There are two approaches for refreshing a snapshot: a tic-toc snapshot approach and a multi-snapshot approach. In the tic-toc snapshot approach, at most two snapshots of the HNSW index are maintained or tracked: the current active snapshot and a new snapshot that is built in the background that eventually becomes visible to vector queries once fully built. Once the new snapshot is available, vector queries that have a timestamp or SCN that is after (timewise) the new snapshot's build SCN are directed to the new snapshot. Vector queries that began to be processed against the old snapshot eventually end (whether terminated due to an error or fully processed with a query result generated). Once a retention threshold has elapsed, it is guaranteed that VDBMS 100 will not receive any vector queries with scan SCN that is less than the new snapshot's build SCN. The old snapshot may be deleted after the lapse of that retention threshold.

In the tic-toc snapshot approach, long-running queries (or even large retention thresholds) can prevent the reclamation (or deletion) of the old snapshot, which also prevents the creation of a newer snapshot since only two snapshots are allowed.
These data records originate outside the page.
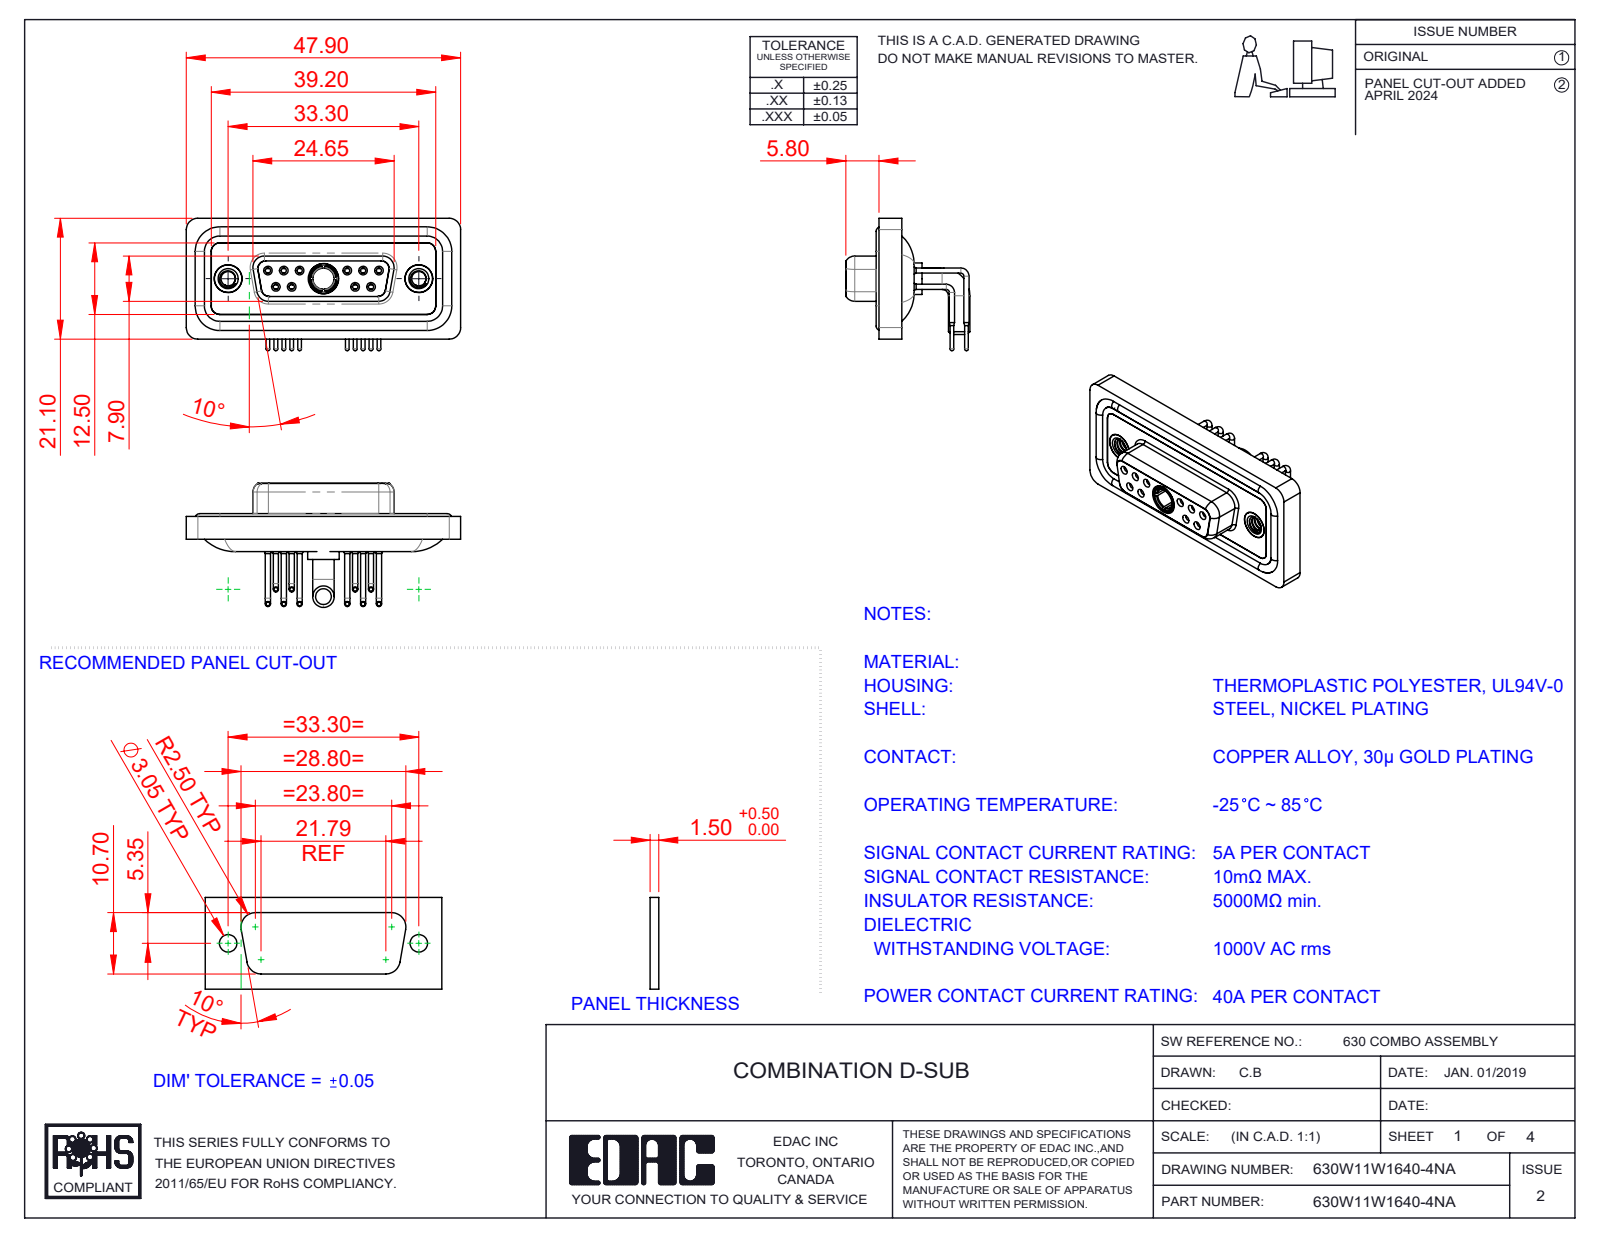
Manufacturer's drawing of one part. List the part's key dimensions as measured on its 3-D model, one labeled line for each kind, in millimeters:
Part name (STEP PRODUCT): 630Combo Shell Front_15 Contacts; Power Socket_40A RA; 630Combo Waterproof Housing_15 Contacts; 630Combo Contact Row 1_50 Contacts (+5 more)
STEP written by: SolidWorks 2023 (CONFIG_CONTROL_DESIGN)
Units: millimetres
Bodies: 19 solids, 988 faces (284 planar, 441 cylindrical, 263 other)
Overall size (bounding box): 47.9 × 23.12 × 21.68
Volume: 6 283 mm³ · Surface area: 10 518 mm²
Round holes (diameter × count): ⌀0.9 ×10, ⌀1.1 ×10, ⌀1.5 ×10, ⌀2 ×10, ⌀1.7 ×6, ⌀1.6 ×4, ⌀4.85 ×3, ⌀2.5 ×2, ⌀4 ×2, ⌀4.05 ×2, ⌀5 ×2, ⌀3.7 ×1
Round bosses / shafts (diameter × count): ⌀1.6 ×10, ⌀0.9 ×10, ⌀0.65 ×10, ⌀4.95 ×2, ⌀4.8 ×2, ⌀3.75 ×2, ⌀5.5 ×1, ⌀5.2 ×1
Partial cylindrical surfaces — rounded edges, fillets, slot ends (radius × count): R2 ×20, R1.5 ×18, R1.35 ×12, R1.6 ×8, R0.25 ×4, R0.5 ×4, R0.6 ×4, R0.65 ×4
Main face-to-face distances: 0.4, 1.8, 1.1, 1.6, 2.5, 2.9, 3.1, 3.7, 4.1, 1.5
Hole centre spacings: 3.16, 2.77, 13.85, 11.08, 16.62, 5.03, 5.04, 5.54
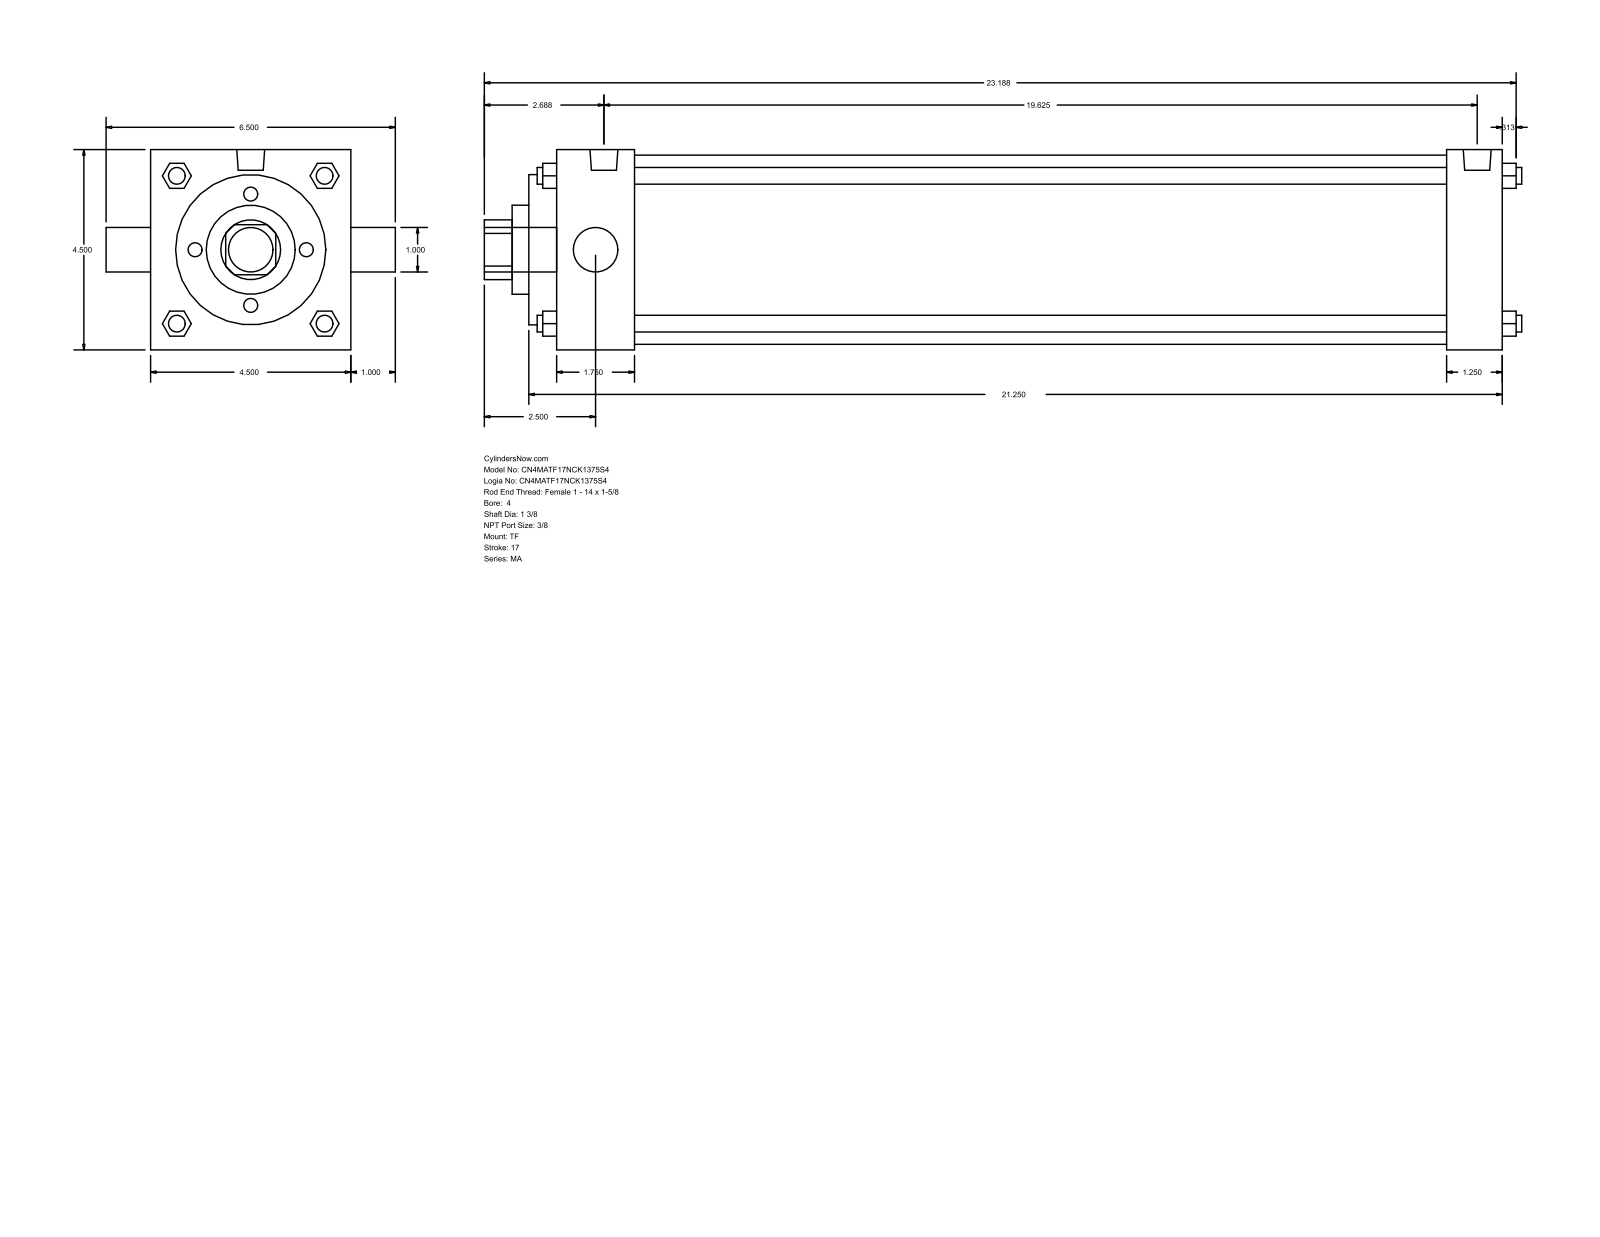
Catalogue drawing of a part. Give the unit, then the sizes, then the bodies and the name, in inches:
Units: inches
Overall size (bounding box): 23.313 × 6.5 × 4.5
Round holes (diameter × count): ⌀1 ×1, ⌀1.375 ×1, ⌀2 ×1, ⌀3.375 ×1, ⌀4.25 ×1
Round bosses / shafts (diameter × count): ⌀0.375 ×4, ⌀0.437 ×3, ⌀0.627 ×2, ⌀1 ×1
Partial cylindrical surfaces — rounded edges, fillets, slot ends (radius × count): R0.672 ×1
Main face-to-face distances: 4.5, 21.25, 21.875, 0.625, 20.625, 20, 1.25, 2.375, 1.75, 18.25
Bodies: 0 solids, 122 faces (93 planar, 29 cylindrical, 0 other)
Part name (STEP PRODUCT): MA_TF__0400_1.375
STEP written by: GSSL Pune (CONFIG_CONTROL_DESIGN)

The tic-toc snapshot approach may be generalized to a multi-snapshot design where snapshots are periodically created and tracked.

Multi-Snapshot Hnsw Index: Efficient Creation of Snapshots

In an embodiment, snapshots of an HNSW index are created incrementally. This means that snapshot i+1 is created by applying changes in the shared journal that is associated with the HNSW index and, thus, stores changes that have a timestamp that is after the build timestamp of snapshot i. In other words, the changes in the shared journal are associated with timestamps, or SCNs, in the SCN range [Snapshot #i creation SCN, Snapshot #i+1 chosen creation SCN] and are applied to snapshot i. For example, a snapshot creation process (e.g., executing in the vector database server 110) identifies the build SCN of snapshot i, identifies a current SCN that will be the build SCN of snapshot i+1, identifies (in the shared journal) all changes associated with an SCN between those two SCNs, and applies those identified changes to snapshot i (or a copy thereof), resulting in snapshot i+1. Thus, creating a new snapshot from an old (or most recent) snapshot may involve copying the old snapshot (with all its vertices and neighbor lists) and modifying that copy.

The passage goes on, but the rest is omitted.